Complex and Quaternionic Principal Component Pursuit and Its Application to Audio Separation
This work addresses a domain-specific problem in audio signal processing by providing a more accurate method for source separation, though it is incremental as it builds on existing principal component pursuit frameworks.
The authors tackled the lack of phase information in existing real-valued principal component pursuit methods by extending it to complex and quaternionic cases, and applied this to singing voice separation, showing improved results on datasets like iKala and MSD100.

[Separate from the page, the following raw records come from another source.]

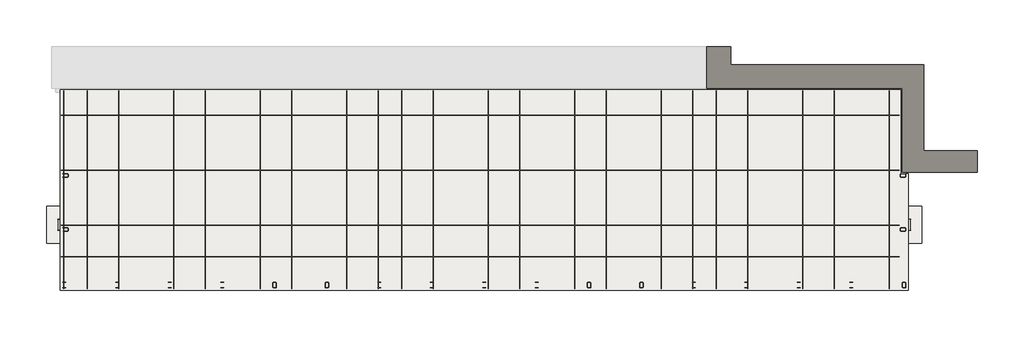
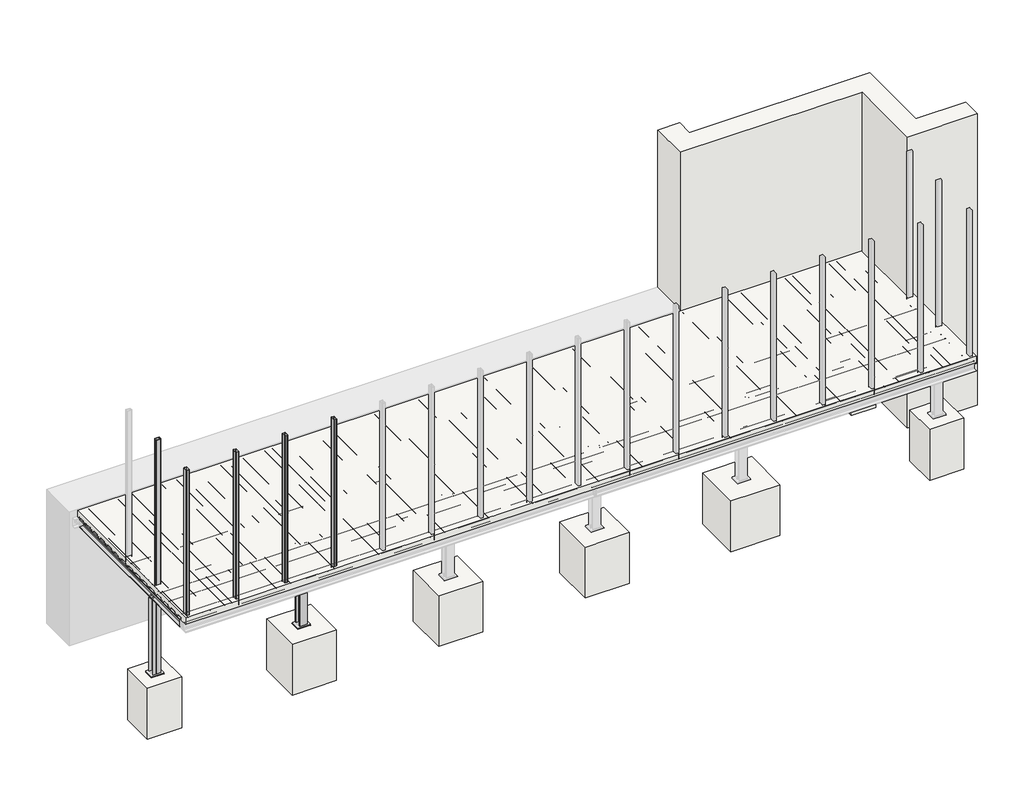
# One storey, part 1 of 36: 26 beams, 9 slabs, 7 columns, 2 plates.
"""IFC4 building model written with IfcOpenShell, lengths in millimetres."""

from ifc_helpers import new_model, si_unit, point, frame, frame_2d, origin, place, context, project, spatial, polyline, circle_curve, trimmed, segment, composite_curve, outline, extrude, faceted_brep, element, save

model = new_model("IFC4")

# Units and contexts
model_context = context("Model", 3, world=origin())
ifc_project = project(units=[si_unit("LENGTHUNIT", "METRE", prefix="MILLI")], contexts=[model_context])

# Site, building, storey
site = spatial("IfcSite", under=ifc_project)
building = spatial("IfcBuilding", under=site)
storey = spatial("IfcBuildingStorey", under=building, Name="Základy", Elevation=-1200.0)

# Beams
placement = place(None, origin())
element("IfcBeam", 1, ObjectType="D8", at=placement, inside=storey, context=model_context, shape_type="SweptSolid", body=[
    extrude(outline(composite_curve([segment(trimmed(circle_curve(frame_2d((-49.0, 27.5)), 4.0), [point((-49.0, 23.5))], [point((-49.0, 31.5))], False, "CARTESIAN"), True, "CONTINUOUS"), segment(trimmed(circle_curve(frame_2d((-49.0, 27.5)), 4.0), [point((-49.0, 31.5))], [point((-49.0, 23.5))], False, "CARTESIAN"), True, "CONTINUOUS")], self_intersect=False)), frame((0.0, 35.0, 0.0), z_axis=(0.0, 1.0, 0.0), x_axis=(0.0, 0.0, 1.0)), (0.0, 0.0, 1.0), 3780.0),
])
element("IfcBeam", 2, ObjectType="D8", at=placement, inside=storey, context=model_context, shape_type="SweptSolid", body=[
    extrude(outline(composite_curve([segment(trimmed(circle_curve(frame_2d((-49.0, 177.5)), 4.0), [point((-49.0, 173.5))], [point((-49.0, 181.5))], False, "CARTESIAN"), True, "CONTINUOUS"), segment(trimmed(circle_curve(frame_2d((-49.0, 177.5)), 4.0), [point((-49.0, 181.5))], [point((-49.0, 173.5))], False, "CARTESIAN"), True, "CONTINUOUS")], self_intersect=False)), frame((0.0, 35.0, 0.0), z_axis=(0.0, 1.0, 0.0), x_axis=(0.0, 0.0, 1.0)), (0.0, 0.0, 1.0), 3780.0),
])
element("IfcBeam", 3, ObjectType="D8", at=placement, inside=storey, context=model_context, shape_type="SweptSolid", body=[
    extrude(outline(composite_curve([segment(trimmed(circle_curve(frame_2d((-49.0, 327.5)), 4.0), [point((-49.0, 323.5))], [point((-49.0, 331.5))], False, "CARTESIAN"), True, "CONTINUOUS"), segment(trimmed(circle_curve(frame_2d((-49.0, 327.5)), 4.0), [point((-49.0, 331.5))], [point((-49.0, 323.5))], False, "CARTESIAN"), True, "CONTINUOUS")], self_intersect=False)), frame((0.0, 35.0, 0.0), z_axis=(0.0, 1.0, 0.0), x_axis=(0.0, 0.0, 1.0)), (0.0, 0.0, 1.0), 3780.0),
])
element("IfcBeam", 4, ObjectType="D8", at=placement, inside=storey, context=model_context, shape_type="SweptSolid", body=[
    extrude(outline(composite_curve([segment(trimmed(circle_curve(frame_2d((-49.0, 477.5)), 4.0), [point((-49.0, 473.5))], [point((-49.0, 481.5))], False, "CARTESIAN"), True, "CONTINUOUS"), segment(trimmed(circle_curve(frame_2d((-49.0, 477.5)), 4.0), [point((-49.0, 481.5))], [point((-49.0, 473.5))], False, "CARTESIAN"), True, "CONTINUOUS")], self_intersect=False)), frame((0.0, 35.0, 0.0), z_axis=(0.0, 1.0, 0.0), x_axis=(0.0, 0.0, 1.0)), (0.0, 0.0, 1.0), 3780.0),
])
element("IfcBeam", 5, ObjectType="D8", at=placement, inside=storey, context=model_context, shape_type="SweptSolid", body=[
    extrude(outline(composite_curve([segment(trimmed(circle_curve(frame_2d((-49.0, 627.5)), 4.0), [point((-49.0, 623.5))], [point((-49.0, 631.5))], False, "CARTESIAN"), True, "CONTINUOUS"), segment(trimmed(circle_curve(frame_2d((-49.0, 627.5)), 4.0), [point((-49.0, 631.5))], [point((-49.0, 623.5))], False, "CARTESIAN"), True, "CONTINUOUS")], self_intersect=False)), frame((0.0, 35.0, 0.0), z_axis=(0.0, 1.0, 0.0), x_axis=(0.0, 0.0, 1.0)), (0.0, 0.0, 1.0), 3780.0),
])
element("IfcBeam", 6, ObjectType="D8", at=placement, inside=storey, context=model_context, shape_type="SweptSolid", body=[
    extrude(outline(composite_curve([segment(trimmed(circle_curve(frame_2d((-49.0, 777.5)), 4.0), [point((-49.0, 773.5))], [point((-49.0, 781.5))], False, "CARTESIAN"), True, "CONTINUOUS"), segment(trimmed(circle_curve(frame_2d((-49.0, 777.5)), 4.0), [point((-49.0, 781.5))], [point((-49.0, 773.5))], False, "CARTESIAN"), True, "CONTINUOUS")], self_intersect=False)), frame((0.0, 35.0, 0.0), z_axis=(0.0, 1.0, 0.0), x_axis=(0.0, 0.0, 1.0)), (0.0, 0.0, 1.0), 3780.0),
])
element("IfcBeam", 7, ObjectType="D8", at=placement, inside=storey, context=model_context, shape_type="SweptSolid", body=[
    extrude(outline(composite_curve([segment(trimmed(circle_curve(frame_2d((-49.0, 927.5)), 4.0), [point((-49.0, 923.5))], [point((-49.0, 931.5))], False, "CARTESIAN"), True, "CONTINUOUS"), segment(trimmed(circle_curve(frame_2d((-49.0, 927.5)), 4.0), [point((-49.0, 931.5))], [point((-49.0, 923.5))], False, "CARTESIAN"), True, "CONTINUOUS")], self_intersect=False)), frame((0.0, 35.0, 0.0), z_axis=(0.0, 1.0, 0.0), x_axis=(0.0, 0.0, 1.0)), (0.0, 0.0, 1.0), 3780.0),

Recently, the principal component pursuit has received increasing attention in signal processing research ranging from source separation to video surveillance. So far, all existing formulations are real-valued and lack the concept of phase, which is inherent in inputs such as complex spectrograms or color images. Thus, in this letter, we extend principal component pursuit to the complex and quaternionic cases to account for the missing phase information. Specifically, we present both complex and quaternionic proximity operators for the $\ell_1$- and trace-norm regularizers. These operators can be used in conjunction with proximal minimization methods such as the inexact augmented Lagrange multiplier algorithm. The new algorithms are then applied to the singing voice separation problem, which aims to separate the singing voice from the instrumental accompaniment. Results on the iKala and MSD100 datasets confirmed the usefulness of phase information in principal component pursuit.